Please use fairseq-preprocess to generate the index and bin files of the text data. Note that we use sentencepiece to pre-process the text, so please refer to here to download the SPM model and dictionary for preparing text data.

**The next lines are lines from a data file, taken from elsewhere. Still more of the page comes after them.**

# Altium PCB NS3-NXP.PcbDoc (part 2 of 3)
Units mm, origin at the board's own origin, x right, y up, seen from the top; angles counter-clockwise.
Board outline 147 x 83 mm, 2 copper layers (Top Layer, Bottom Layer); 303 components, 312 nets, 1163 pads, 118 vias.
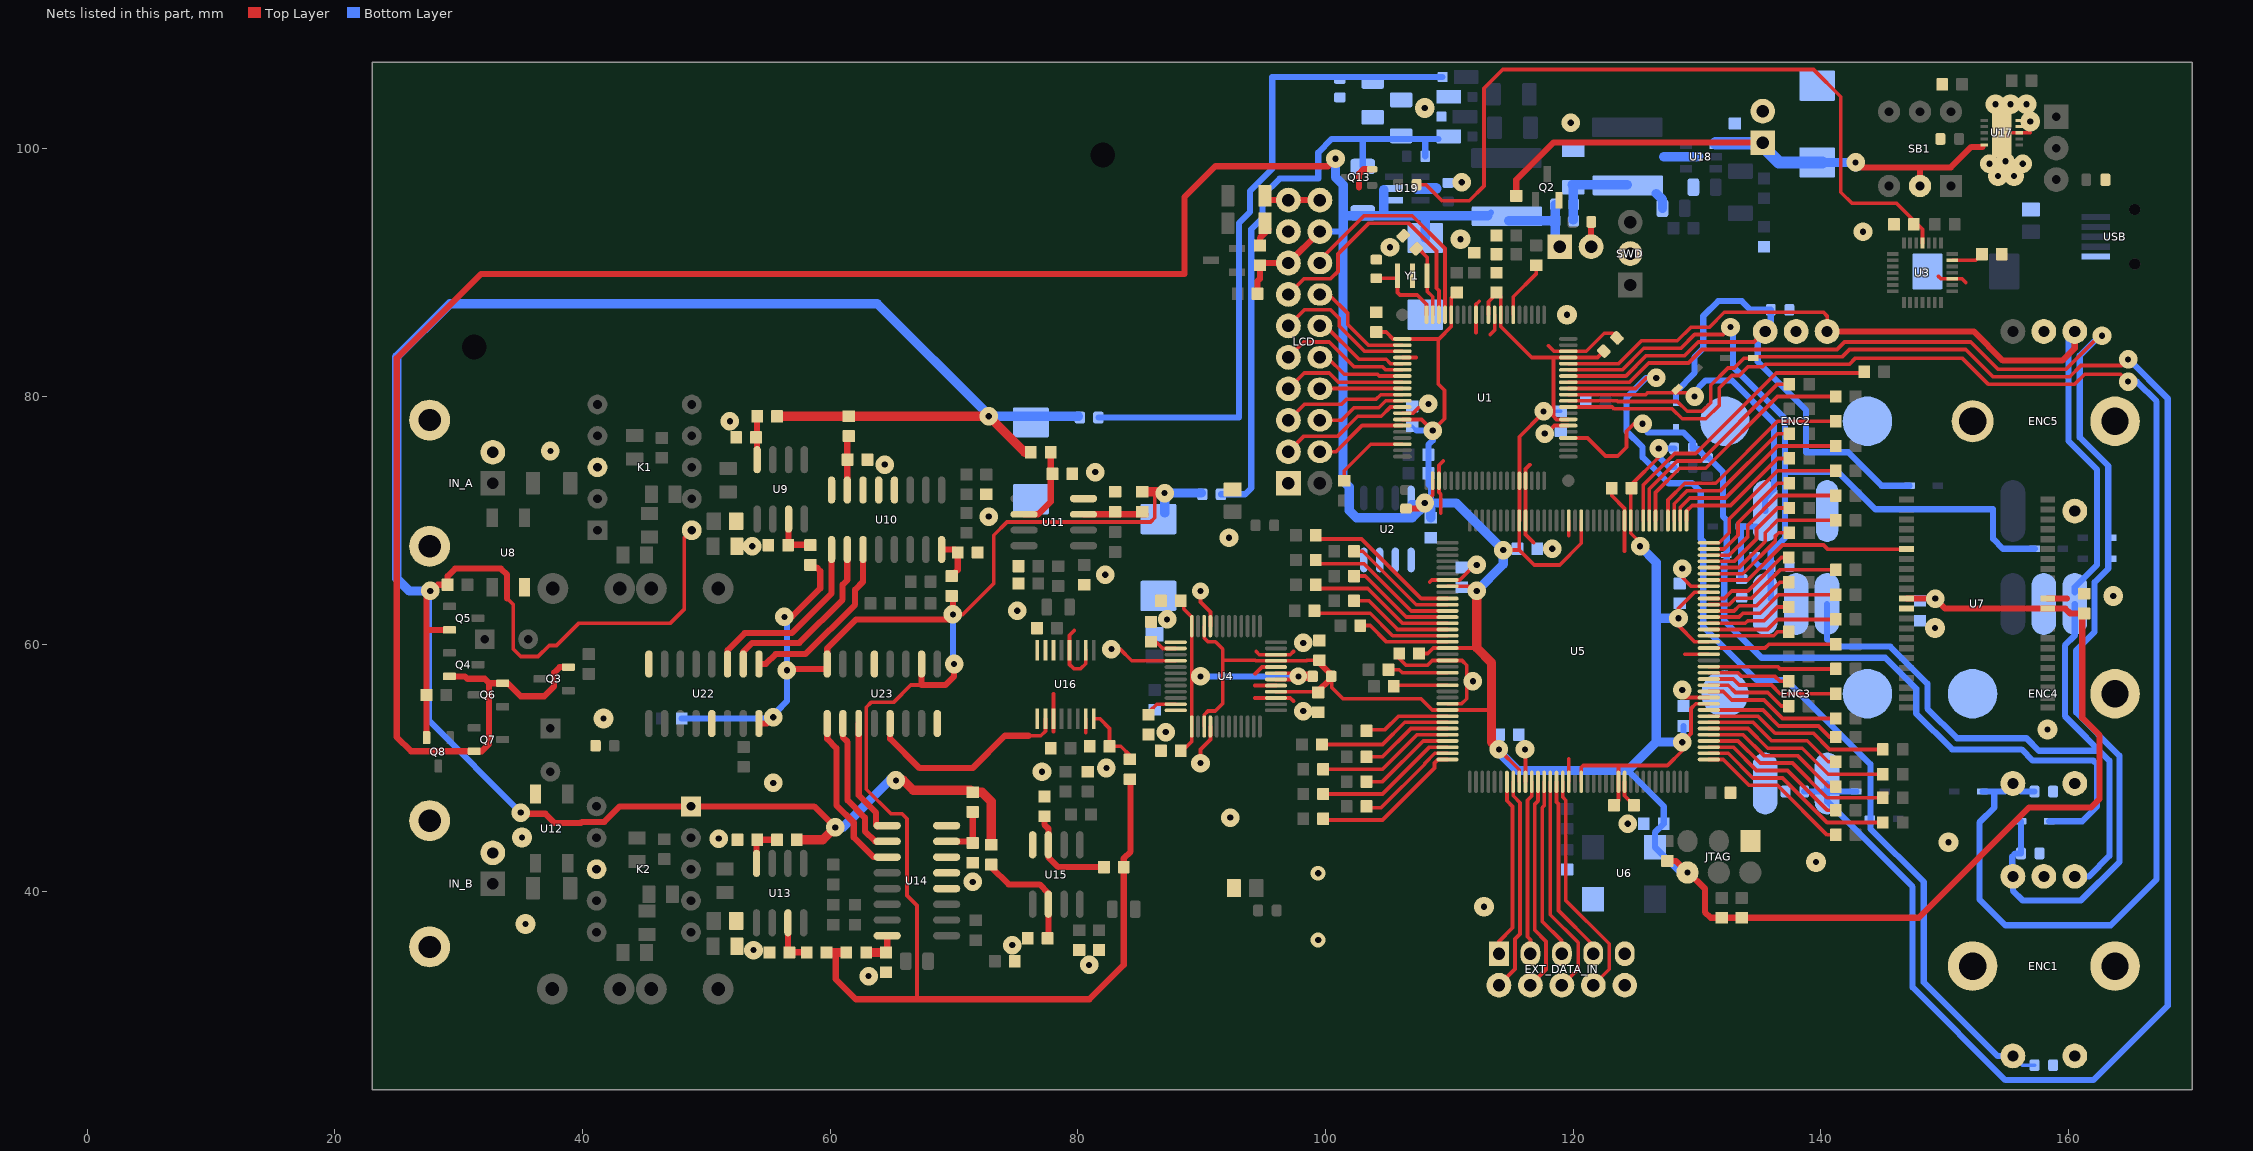
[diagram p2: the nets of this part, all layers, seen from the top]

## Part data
B1 B2 B3 B4 B5 B6 B7 B8 B9 B10 B11 B12 B13 B14: library part BLM18PG181SN1D, "Bead 0603 size for power lines"
B15 B16 B17 B18: library part BLM18AG601SN1D, "0603 size for general signal lines"
BATERY BOOZ: "Header, 2-Pin"
C1 C2 C3 C4 C5 C6 C9 C12 C13 C14 C16 C17 C18 C19 C20 C21 C23 C24 C25 C26 C28 C29 C30 C32 C33 C34 C45 C46 C47 C48 C51 C52 C60 C61 C62 C63 C66 C67 C70 C83 C84: library part CL10B104KB8NNNC
C7 C8: library part CL10C220JB8NNNC
C10 C49 C64: library part GRM188R61C225KE15D
C11 C81: library part 293D476X9010D2T
C15 C50 C65 C80: library part GRM21BR61A106KE19L
C40 C55: library part GRM31C5C1H104JA01L
C41 C43 C56 C58: "Variable or Adjustable Capacitor"
C42 C57: library part CL21C222JBFNNNE
C44 C53 C59 C68: library part C0603C151J5GAC7867
C54 C69: "Aluminium Electrolitic Capacitor"
C71: library part GRM188R61C225KE15D, "General Purpose"
C86 C88 C89 C90 C92: library part GRM31CR71H475KA12L
C87 C91 C93: library part TR3D107K016C0150
C110 C111 C112 C113 C114 C115 C116 C117: library part CL10C102JB8NNNC
D1: library part D_C_LightDiode_3pin_OA
D2 D22: library part LL4151-GS8, "Small Signal Fast Switching Diode"
D5 D6 D7 D8 D9 D10 D11 D12 D13 D14 D15 D16 D17: library part PMEG2020EJ,115, "20V, 2A very low VF MEGA Schottky barrier rectifiers"
D18 D19 D20 D21: library part MSS1P3L-M3/89A, "30V, 1A, eSMP, Surface Mount Schottky Barrier Rectifiers"
ENC1 ENC2 ENC3 ENC4 ENC5: "Rotary Encoder with button"
EXT_DATA_IN: library part BH-10_2
IN_A IN_B: "BNC Elbow Connector"
JTAG: "Header, 3-Pin, Dual row"
K1 K2: library part A–5W–K, "5V переключающее реле."
L1 L2: library part NR6028T220M, "Shielded Power Inductor Wire Wound H=2.8mm"
LCD: "Header, 10-Pin, Dual row"
Q1: "NPN General-purpose Transistor"
Q2 Q5 Q8: library part IRLML2402TRPBF, "20V, 0.25 Ohm, Single N-Channel HEXFET Power MOSFET"
Q3 Q4 Q6 Q7: library part IRLML6302TRPBF, "20V, 0.7A Single P-Channel HEXFET Power MOSFET"
Q13: library part MMBT3904WT1G, "40 V, 200 mA NPN general-purpose transistors"
R1 R2 R9 R10 R12 R18 R19 R107 R108 R128 R136 R137 R150 R151 Rt: library part 0603SAF1002T50
R3 R8: library part CRCW12062R00FKEA
R6 R105 R125: library part TC0350F1002T5E, "TC03 (0603) 1/16W 1% 10.0K 50PPM T/R-5000"
R7: library part TC0350F5101T5E, "TC03 (0603) 1/16W 1% 5.1K 50PPM T/R-5000"
R14 R129: library part ERJ3EKF1001V
R15 R97 R117: library part 0603SAF1000T50
R20 R21 R22 R23 R24 R25 R26 R27 R28 R29 R30 R31 R32 R33 R34 R35 R36 R37 R38 R39 R40 R41 R42 R43 R44 R45 R46 R47 R48 R49 R50 R51 R52 R53 R54 R55 R56 R57 R58 R59 R60 R61 R62 R63 R64 R65 R66 R67 R68 R69 R70 R71 R72 R73 R74 R75 R76 R77 R78 R79 R80 R99 R100 R119 R120: library part 0603SAF330JT50
R88 R109 R130 R135: library part ERA3AED102V
R89 R90 R91 R110 R111 R112 R127: library part 0805S8F5100T50
R92 R93 R113: library part 0805S8F1002T50
R94 R114: library part 0805S8F1001T50
R95 R115: library part TC0350F4990T5E, "TC03 (0603) 1/16W 1% 499E 50PPM T/R-5000"
R96 R101 R116 R121: library part 0603SAF3300T50
R98: library part RR0816P-4992-D-68C
R102 R103 R122 R123: library part 0603SAF2701T50
R104 R124: library part RC0805FR-0710KL, "General Purpose Chip Resistor"
R106 R126: library part TC0310C3001T5E, "TC03 (0603) 1/16W 0.25% 3.00K 10PPM T/R-5000"
R118: library part 0805S8F4700T50
R131: library part 0603SAF2001T50
R132: library part 0603SAF1503T50
R133 R138: library part 0603SAF1003T50
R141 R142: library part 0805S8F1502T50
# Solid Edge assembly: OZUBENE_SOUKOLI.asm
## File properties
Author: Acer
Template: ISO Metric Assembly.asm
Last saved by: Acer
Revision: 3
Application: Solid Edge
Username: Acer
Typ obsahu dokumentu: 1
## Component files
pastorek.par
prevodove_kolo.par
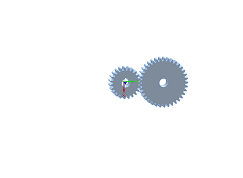
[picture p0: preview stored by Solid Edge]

This means you firstly need to use the SPM model to process the text and then use fairseq-preprocess with the provided dictionary to get the index and bin files.
import torch
from speecht5.tasks.speecht5 import SpeechT5Task
from speecht5.models.speecht5 import T5TransformerModel
checkpoint = torch.load('/path/to/speecht5_checkpoint')
checkpoint['cfg']['task'].t5_task = 'pretrain'
checkpoint['cfg']['task'].hubert_label_dir = "/path/to/hubert_label"
checkpoint['cfg']['task'].data = "/path/to/tsv_file"
task = SpeechT5Task.setup_task(checkpoint['cfg']['task'])
model = T5TransformerModel.build_model(checkpoint['cfg']['model'], task)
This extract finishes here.